PCP JCP fond, 16 février 2024 — 23/06710
Texte intégral
TRIBUNAL JUDICIAIRE DE PARIS [1]
[1] Copie conforme délivrée le : à : Madame [E] [N] [J]
Copie exécutoire délivrée le : à : Me Karim BOUANANE
Pôle civil de proximité ■
PCP JCP fond N° RG 23/06710 - N° Portalis 352J-W-B7H-C2TLX
N° MINUTE : 2 JCP
JUGEMENT rendu le vendredi 16 février 2024
DEMANDERESSE S.A.S. HENEO, dont le siège social est sis [Adresse 1] représentée par Me Karim BOUANANE, avocat au barreau de PARIS, vestiaire : #E1971
DÉFENDERESSE Madame [E] [N] [J], demeurant [Adresse 2] non comparante, ni représentée
COMPOSITION DU TRIBUNAL Clara SPITZ, Juge, juge des contentieux de la protection assistée de Inès CELMA-BERNUZ, Greffier,
DATE DES DÉBATS Audience publique du 08 décembre 2023
JUGEMENT réputé contradictoire, en premier ressort, prononcé par mise à disposition le 16 février 2024 par Clara SPITZ, Juge assistée de Inès CELMA-BERNUZ, Greffier
Décision du 16 février 2024 PCP JCP fond - N° RG 23/06710 - N° Portalis 352J-W-B7H-C2TLX
EXPOSÉ DU LITIGE Par acte sous seing privé du 21 octobre 2019 à effet au 4 juillet 2019 la SAS HENEO à consenti à Madame [E] [N] [J] un titre d'occupation temporaire sur un logement en résidence universitaire situé résidence [Adresse 2].

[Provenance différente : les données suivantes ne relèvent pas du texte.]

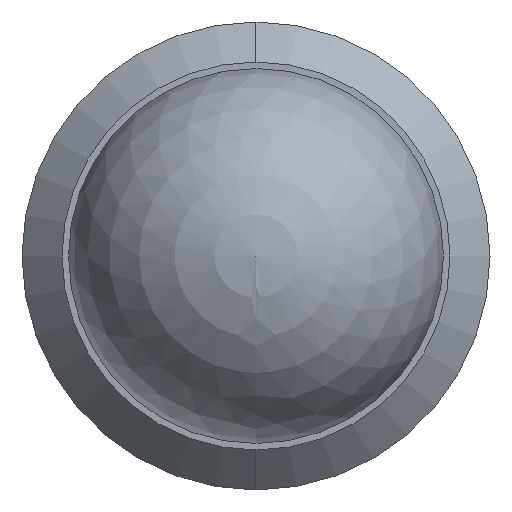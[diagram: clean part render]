
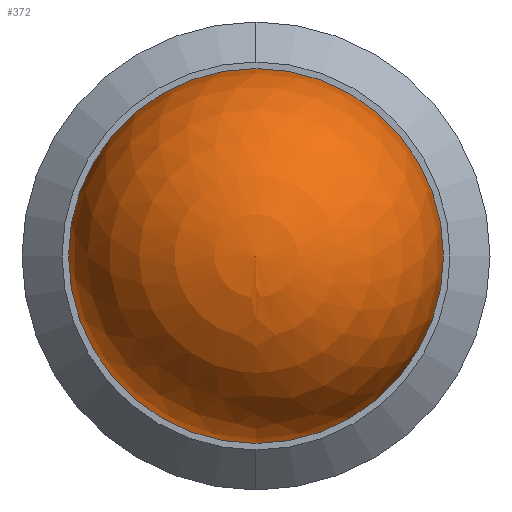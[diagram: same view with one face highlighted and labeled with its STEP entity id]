
A CAD part, left-side view. The second image highlights one B-rep face of the part: STEP entity #372.
In plain terms, the highlighted spherical face has radius 1.191 mm.
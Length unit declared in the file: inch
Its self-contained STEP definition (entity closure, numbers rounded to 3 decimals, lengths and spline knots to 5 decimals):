
#41 = VERTEX_POINT ( 'NONE', #362 ) ;
#42 = CIRCLE ( 'NONE', #93, 0.04688 ) ;
#86 = EDGE_CURVE ( 'NONE', #41, #150, #506, .T. ) ;
#93 = AXIS2_PLACEMENT_3D ( 'NONE', #214, #213, #212 ) ;
#111 = DIRECTION ( 'NONE',  ( 1., 0., 0. ) ) ;
#128 = CARTESIAN_POINT ( 'NONE',  ( 0., 0., 0. ) ) ;
#139 = SPHERICAL_SURFACE ( 'NONE', #169, 0.04688 ) ;
#150 = VERTEX_POINT ( 'NONE', #163 ) ;
#163 = CARTESIAN_POINT ( 'NONE',  ( 0., -0.04688, 0. ) ) ;
#169 = AXIS2_PLACEMENT_3D ( 'NONE', #417, #423, #413 ) ;
#212 = DIRECTION ( 'NONE',  ( 0., 0., 1. ) ) ;
#213 = DIRECTION ( 'NONE',  ( -1., 0., 0. ) ) ;
#214 = CARTESIAN_POINT ( 'NONE',  ( 0., 0., 0. ) ) ;
#294 = AXIS2_PLACEMENT_3D ( 'NONE', #128, #111, #591 ) ;
#362 = CARTESIAN_POINT ( 'NONE',  ( 0., 0.04688, 0. ) ) ;
#372 = ADVANCED_FACE ( 'NONE', ( #516 ), #139, .T. ) ;
#413 = DIRECTION ( 'NONE',  ( 0., 0., -1. ) ) ;
#417 = CARTESIAN_POINT ( 'NONE',  ( 0., 0., 0. ) ) ;
#421 = EDGE_LOOP ( 'NONE', ( #550, #437 ) ) ;
#423 = DIRECTION ( 'NONE',  ( 1., 0., 0. ) ) ;
#437 = ORIENTED_EDGE ( 'NONE', *, *, #508, .T. ) ;
#506 = CIRCLE ( 'NONE', #294, 0.04688 ) ;
#508 = EDGE_CURVE ( 'NONE', #41, #150, #42, .T. ) ;
#516 = FACE_OUTER_BOUND ( 'NONE', #421, .T. ) ;
#550 = ORIENTED_EDGE ( 'NONE', *, *, #86, .F. ) ;
#591 = DIRECTION ( 'NONE',  ( 0., 0., -1. ) ) ;

La SAS HENEO ayant constaté que Madame [E] [N] [J] avait dépassé la durée contractuelle de séjour et se maintenait dans les lieux loués alors qu’elle ne remplissait plus les conditions pour résider dans cette résidence universitaire, elle lui a fait délivrer un congé par commissaire de justice le 04 novembre 2022 à effet au 31 décembre 2022.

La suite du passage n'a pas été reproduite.